Mary Oliver, Jane Hirschfield, Rilke, and David Deida on Not Evading the Full Intensity of Living & Loving


Mary Oliver on Not Evading the Full Intensity of Life and Love

West Wind #2” – Mary Oliver

You are young. So you know everything. You leap into the boat and begin rowing. But listen to me. Without fanfare, without embarrassment, without any doubt, I talk directly to your soul. Listen to me. Lift the oars from the water, let your arms rest, and your heart, and heart’s little intelligence, and listen to me. . . .

There is life without love. But it’s not worth a bent penny or a scuffed shoe. It’s not worth the body of a dead dog nine days unburied. When you hear, a mile away and still out of sight, the churn of the water as it begins to swirl and roil, fretting around the sharp rocks—when you hear that unmistakable pounding—when you feel the mist on your mouth and sense ahead the embattlement, the long falls plunging and steaming—then row, row for your life toward it.

.

Rilke on Not Evading the Full Intensity of Life and Love

Sonnets to Orpheus, Part Two, XII” – Rainer Maria Rilke
(translated by Anita Barrows & Joanna Macy)

Will the change. Want the transformation. Be inspired
by the flame where everything shines as it disappears.
The artist, when sketching, loves nothing so much
as the curve of the body as it turns away.

What locks itself into sameness has congealed.
Is it safer to live gray and numb?
What’s frightened turns hard becomes rigid
and is easily shattered.

Pour yourself out like a fountain. Flow into
the knowledge that what you are seeking
often finishes at the start, and, with ending, begins.

Every happiness is the child of a separation
it did not think it could survive.

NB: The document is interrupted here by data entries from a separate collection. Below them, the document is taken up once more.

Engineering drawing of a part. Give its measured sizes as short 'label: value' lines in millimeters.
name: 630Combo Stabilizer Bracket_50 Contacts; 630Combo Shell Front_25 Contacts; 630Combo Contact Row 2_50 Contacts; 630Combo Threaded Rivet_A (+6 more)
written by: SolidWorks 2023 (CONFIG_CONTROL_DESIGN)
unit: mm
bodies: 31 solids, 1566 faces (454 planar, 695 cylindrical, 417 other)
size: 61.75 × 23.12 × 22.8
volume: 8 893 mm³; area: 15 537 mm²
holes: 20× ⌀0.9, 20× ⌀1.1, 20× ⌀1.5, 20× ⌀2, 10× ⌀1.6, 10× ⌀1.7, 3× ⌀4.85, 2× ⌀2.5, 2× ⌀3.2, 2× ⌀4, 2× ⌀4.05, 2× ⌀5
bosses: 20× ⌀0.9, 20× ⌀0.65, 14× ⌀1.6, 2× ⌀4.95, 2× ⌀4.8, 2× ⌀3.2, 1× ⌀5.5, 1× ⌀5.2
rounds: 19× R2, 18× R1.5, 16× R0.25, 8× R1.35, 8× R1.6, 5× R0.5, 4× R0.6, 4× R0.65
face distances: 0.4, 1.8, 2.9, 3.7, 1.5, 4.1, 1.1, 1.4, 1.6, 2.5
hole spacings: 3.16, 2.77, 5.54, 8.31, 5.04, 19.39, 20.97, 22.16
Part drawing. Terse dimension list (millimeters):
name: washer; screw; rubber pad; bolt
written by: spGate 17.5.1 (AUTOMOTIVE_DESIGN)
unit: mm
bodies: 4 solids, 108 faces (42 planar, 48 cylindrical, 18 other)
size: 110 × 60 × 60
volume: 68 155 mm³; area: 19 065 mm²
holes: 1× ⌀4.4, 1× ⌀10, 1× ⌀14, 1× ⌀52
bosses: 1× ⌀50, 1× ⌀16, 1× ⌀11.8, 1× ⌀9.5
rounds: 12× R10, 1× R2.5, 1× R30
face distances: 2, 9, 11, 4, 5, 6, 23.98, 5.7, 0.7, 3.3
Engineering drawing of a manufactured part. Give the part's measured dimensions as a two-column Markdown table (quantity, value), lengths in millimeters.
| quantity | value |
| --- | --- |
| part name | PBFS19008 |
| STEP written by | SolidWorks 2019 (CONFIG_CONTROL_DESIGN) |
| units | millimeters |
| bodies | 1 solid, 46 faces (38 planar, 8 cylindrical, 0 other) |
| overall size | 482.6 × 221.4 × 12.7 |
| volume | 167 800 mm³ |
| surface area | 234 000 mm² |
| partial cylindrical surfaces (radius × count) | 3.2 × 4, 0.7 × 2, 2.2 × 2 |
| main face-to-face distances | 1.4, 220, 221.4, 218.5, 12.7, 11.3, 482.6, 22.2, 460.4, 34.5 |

And Daphne, becoming
a laurel, dares you to become wind.

.

Jane Hirschfield on Not Evading the Full Intensity of Life and Love

Each Moment a White Bull Steps Shining into the World” – Jane Hirshfield

If the gods bring to you
a strange and frightening creature,
accept the gift
as if it were one you had chosen.

Say the accustomed prayers,
oil the hooves well,
caress the small ears with praise.

Have the new halter of woven silver
embedded with jewels.
Spare no expense, pay what is asked,
when a gift such as this
arrives from the sea.

Treat it as you yourself would be treated
if you were brought speechless and naked
into the court of a king.

And when the request finally comes,
do not hesitate even for an instant—

stroke the white throat,
the heavy, trembling dewlaps
you’d come to believe were yours,

and plunge the knife.

Not once
did you enter the pasture
without pause,
without yourself trembling.

That you came to love it, that was the gift.

Let the envious gods try to take back what they can.

.

So what is it that holds us back? Why do we shrink from life, not live more daringly, not live more courageously, not push ourselves to enter more of life’s and love’s strange pastures, not live with more passion and a greater sense of wonder and adventure, not row row row for our life towards the long plunging falls?

Why do we live a life where we are safe and numb and grey?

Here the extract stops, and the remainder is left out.